I love when people ask me questions. I want people to continue to ask me questions because I love to help and problem-solving. The difficulty comes when people ask me very broad questions without any background and want an immediate and simple answer. Here are some examples of questions I get regularly.

"Why does my cat pee outside the box?"
"What cat should I adopt that will get along with my cat at home?
"Why does my cat play aggressively?"

These are great questions, but they're not questions I can answer without an assessment or answer in only a few minutes. I wish I could answer questions like these on the spot. I feel a lot of pressure to do so because I don't want to let anyone down or give people the impression I'm a sham and don't know anything. Then again, if I could give you a quick and easy answer I wouldn't be doing my job because that wouldn't be the best answer for your particular situation.

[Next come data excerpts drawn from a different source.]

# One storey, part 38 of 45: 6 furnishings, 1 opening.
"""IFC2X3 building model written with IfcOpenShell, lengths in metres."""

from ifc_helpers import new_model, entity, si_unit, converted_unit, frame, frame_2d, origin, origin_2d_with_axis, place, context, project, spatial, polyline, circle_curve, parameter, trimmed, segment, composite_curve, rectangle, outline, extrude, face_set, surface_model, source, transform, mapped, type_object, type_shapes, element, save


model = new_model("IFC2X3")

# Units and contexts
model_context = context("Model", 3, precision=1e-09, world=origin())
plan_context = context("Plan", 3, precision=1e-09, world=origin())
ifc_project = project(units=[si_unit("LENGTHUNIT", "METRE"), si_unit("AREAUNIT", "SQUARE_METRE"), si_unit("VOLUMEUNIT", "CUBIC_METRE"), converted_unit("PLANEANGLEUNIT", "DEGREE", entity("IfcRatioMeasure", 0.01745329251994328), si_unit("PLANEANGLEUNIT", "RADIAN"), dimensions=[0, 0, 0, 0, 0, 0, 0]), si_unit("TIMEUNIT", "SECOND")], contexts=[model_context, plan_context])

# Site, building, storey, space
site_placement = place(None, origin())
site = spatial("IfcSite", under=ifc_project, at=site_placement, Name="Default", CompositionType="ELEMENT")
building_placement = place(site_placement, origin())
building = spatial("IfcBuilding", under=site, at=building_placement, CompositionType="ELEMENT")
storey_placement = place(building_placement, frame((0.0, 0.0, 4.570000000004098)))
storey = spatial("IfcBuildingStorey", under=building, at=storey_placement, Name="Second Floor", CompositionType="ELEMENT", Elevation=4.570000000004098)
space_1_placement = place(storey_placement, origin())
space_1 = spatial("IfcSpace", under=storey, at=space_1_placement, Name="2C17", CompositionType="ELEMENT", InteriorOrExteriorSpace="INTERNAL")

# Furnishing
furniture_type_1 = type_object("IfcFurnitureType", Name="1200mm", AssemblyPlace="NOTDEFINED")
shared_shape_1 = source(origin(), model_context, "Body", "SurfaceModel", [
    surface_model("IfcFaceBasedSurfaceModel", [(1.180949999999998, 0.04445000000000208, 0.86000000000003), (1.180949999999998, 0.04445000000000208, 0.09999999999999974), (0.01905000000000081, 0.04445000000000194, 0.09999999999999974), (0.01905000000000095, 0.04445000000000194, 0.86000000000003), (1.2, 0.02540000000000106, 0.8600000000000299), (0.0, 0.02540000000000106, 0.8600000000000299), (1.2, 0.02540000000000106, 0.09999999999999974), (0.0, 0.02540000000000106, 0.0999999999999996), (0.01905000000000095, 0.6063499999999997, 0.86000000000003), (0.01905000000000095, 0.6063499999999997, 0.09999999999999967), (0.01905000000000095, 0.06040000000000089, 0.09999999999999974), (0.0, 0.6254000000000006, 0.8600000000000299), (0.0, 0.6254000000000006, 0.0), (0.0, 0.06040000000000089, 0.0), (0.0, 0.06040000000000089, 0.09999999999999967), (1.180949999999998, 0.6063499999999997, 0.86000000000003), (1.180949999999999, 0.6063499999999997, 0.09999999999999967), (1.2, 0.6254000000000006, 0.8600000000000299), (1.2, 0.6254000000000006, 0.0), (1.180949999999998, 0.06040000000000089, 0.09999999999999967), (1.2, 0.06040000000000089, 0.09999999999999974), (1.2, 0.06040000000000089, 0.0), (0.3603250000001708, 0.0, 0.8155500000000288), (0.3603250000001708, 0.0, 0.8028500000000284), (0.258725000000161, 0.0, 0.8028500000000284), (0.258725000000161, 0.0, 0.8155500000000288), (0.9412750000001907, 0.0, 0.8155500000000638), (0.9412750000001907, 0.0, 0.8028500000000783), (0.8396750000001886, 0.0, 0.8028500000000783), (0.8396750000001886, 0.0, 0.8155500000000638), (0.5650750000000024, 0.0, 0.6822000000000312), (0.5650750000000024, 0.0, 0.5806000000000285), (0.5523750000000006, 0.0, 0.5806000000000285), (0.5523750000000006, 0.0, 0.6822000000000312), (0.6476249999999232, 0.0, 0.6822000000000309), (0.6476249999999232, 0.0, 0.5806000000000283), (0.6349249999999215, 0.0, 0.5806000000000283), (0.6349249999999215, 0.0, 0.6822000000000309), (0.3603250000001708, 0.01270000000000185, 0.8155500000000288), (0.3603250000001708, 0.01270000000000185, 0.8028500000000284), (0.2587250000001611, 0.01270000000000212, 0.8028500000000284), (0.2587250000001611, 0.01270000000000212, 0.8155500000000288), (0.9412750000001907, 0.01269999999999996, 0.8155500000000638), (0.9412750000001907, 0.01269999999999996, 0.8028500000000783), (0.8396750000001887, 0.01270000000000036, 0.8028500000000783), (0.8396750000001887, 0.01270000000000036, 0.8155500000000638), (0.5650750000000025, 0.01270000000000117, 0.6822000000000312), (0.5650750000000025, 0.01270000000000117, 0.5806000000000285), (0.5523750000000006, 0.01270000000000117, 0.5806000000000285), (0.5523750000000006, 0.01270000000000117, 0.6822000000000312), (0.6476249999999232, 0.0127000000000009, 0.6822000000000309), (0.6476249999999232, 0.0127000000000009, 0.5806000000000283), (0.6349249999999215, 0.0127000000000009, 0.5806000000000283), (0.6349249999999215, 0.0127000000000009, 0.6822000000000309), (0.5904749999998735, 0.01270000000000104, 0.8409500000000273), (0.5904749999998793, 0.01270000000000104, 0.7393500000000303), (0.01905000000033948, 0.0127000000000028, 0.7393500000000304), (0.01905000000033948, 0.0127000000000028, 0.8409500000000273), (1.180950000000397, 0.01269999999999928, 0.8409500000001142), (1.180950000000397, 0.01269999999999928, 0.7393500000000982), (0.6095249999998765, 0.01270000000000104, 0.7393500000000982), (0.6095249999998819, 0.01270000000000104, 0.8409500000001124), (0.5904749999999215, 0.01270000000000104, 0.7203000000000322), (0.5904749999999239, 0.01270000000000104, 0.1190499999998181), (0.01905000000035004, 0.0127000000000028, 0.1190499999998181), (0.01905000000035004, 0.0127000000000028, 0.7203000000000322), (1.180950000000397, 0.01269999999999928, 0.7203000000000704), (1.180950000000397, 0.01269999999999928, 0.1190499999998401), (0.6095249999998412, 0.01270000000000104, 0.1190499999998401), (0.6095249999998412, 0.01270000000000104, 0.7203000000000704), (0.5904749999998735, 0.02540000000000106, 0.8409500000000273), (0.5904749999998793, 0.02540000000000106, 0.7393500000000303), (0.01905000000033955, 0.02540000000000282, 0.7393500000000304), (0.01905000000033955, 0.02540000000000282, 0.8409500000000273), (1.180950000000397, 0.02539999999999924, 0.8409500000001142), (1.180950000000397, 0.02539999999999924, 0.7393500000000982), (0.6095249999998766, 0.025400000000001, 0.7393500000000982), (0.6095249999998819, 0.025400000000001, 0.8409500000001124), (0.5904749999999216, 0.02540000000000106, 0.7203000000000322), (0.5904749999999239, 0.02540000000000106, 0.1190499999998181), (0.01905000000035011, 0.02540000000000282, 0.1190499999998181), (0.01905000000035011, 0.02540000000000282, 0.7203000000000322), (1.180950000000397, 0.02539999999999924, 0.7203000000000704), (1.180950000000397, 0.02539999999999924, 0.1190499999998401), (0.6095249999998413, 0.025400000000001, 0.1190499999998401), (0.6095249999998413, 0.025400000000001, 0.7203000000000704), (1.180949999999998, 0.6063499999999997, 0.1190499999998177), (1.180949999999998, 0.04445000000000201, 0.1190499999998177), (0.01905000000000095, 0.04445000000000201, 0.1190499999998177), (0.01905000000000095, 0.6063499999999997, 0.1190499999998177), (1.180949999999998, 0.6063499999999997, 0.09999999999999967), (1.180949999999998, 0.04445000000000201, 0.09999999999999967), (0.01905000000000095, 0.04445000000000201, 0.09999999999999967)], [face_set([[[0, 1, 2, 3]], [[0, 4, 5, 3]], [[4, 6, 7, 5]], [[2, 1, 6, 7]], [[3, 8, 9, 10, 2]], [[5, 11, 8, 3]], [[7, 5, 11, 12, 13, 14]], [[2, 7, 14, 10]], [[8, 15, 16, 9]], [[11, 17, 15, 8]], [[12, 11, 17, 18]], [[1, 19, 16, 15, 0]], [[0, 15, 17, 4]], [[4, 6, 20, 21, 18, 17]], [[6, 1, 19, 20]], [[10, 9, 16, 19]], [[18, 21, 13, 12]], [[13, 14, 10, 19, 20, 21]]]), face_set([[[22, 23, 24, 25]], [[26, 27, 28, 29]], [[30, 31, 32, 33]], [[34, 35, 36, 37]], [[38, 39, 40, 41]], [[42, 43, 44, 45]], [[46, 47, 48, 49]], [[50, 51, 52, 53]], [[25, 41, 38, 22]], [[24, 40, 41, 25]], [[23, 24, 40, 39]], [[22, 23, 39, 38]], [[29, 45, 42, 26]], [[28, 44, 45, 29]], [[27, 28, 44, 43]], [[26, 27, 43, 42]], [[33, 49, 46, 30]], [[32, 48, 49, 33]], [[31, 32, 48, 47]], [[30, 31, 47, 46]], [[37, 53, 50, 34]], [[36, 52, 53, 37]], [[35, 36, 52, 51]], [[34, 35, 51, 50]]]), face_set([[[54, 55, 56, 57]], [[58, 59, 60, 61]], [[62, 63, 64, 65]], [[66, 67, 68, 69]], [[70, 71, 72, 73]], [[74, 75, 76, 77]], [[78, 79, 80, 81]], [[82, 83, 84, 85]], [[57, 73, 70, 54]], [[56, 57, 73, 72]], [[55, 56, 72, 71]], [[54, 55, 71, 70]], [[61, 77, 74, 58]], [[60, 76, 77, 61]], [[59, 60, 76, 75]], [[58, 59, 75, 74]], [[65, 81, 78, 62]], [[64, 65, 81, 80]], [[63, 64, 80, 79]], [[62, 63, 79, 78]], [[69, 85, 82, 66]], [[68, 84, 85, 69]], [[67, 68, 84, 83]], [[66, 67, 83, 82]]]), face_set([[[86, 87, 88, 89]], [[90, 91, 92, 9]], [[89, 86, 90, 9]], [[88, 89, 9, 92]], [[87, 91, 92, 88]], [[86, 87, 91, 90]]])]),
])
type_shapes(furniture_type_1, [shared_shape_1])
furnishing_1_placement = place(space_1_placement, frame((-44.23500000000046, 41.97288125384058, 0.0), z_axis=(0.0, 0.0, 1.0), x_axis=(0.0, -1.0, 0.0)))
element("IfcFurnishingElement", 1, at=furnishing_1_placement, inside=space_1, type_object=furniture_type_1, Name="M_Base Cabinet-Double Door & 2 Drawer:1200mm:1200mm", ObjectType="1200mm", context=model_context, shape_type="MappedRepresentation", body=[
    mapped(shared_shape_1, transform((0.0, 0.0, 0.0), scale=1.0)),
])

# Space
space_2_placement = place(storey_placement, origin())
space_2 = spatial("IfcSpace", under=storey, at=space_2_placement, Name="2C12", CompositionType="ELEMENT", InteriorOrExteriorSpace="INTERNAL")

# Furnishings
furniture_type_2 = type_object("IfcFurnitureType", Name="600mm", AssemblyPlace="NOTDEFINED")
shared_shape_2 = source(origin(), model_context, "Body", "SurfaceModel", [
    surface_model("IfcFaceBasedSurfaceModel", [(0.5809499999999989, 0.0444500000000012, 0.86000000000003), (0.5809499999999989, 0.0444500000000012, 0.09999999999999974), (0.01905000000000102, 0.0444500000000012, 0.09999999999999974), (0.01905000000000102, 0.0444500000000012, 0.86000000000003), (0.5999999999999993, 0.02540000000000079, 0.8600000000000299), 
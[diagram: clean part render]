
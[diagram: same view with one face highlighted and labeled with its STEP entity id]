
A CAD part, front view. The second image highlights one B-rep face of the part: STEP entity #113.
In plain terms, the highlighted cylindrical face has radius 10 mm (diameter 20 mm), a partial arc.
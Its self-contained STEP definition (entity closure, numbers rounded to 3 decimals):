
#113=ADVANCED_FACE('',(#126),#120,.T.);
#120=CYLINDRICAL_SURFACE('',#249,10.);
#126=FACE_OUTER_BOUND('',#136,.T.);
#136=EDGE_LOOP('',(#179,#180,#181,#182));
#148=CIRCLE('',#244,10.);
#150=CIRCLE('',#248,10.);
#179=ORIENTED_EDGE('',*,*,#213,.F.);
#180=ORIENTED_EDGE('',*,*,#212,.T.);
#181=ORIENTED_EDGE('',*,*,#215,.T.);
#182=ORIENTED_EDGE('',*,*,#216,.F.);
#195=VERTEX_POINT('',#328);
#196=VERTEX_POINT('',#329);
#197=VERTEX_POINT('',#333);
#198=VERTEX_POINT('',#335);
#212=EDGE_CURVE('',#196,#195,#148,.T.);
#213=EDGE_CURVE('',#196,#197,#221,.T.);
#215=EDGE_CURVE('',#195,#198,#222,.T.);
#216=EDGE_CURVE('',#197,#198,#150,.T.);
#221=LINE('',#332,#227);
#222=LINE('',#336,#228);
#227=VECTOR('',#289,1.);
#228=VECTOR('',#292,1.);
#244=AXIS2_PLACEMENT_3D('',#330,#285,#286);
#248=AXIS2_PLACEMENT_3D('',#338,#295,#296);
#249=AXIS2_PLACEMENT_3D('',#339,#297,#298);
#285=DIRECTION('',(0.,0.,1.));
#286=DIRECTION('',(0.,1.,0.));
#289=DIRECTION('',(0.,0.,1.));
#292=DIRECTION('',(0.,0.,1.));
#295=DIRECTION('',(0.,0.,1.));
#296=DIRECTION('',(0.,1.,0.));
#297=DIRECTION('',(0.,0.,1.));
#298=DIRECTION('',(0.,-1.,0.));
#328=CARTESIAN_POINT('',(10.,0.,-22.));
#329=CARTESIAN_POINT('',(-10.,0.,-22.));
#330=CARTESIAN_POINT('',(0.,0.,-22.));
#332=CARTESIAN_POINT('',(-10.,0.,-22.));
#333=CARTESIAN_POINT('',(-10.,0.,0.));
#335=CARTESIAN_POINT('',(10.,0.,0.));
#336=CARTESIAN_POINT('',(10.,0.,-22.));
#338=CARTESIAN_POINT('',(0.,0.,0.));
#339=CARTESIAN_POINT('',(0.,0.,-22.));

Behavior is very complex. It's the same across all species. Cats all have different temperaments, history, home environments, and etc that contribute to their behavior. It's important that I know all of that information before I ever could answer those questions or provide recommendations. There is a questionnaire I've written up for future clients and one I've used when doing a behavioral assessment for a friend's cat. My questionnaire is any where from 50-100 questions long dependent on the type of behavioral issue I'm addressing.

Yes! That's a lot of questions, but every single one of those questions is so important for me to ask to identify a trigger for the problem. When I did a full assessment with recommendations for my friend it was a 700 word write up. When I have scenarios to do treatment plan write ups for in my current course they sometimes take 1-2 hours to write up and are usually 700-1500 words.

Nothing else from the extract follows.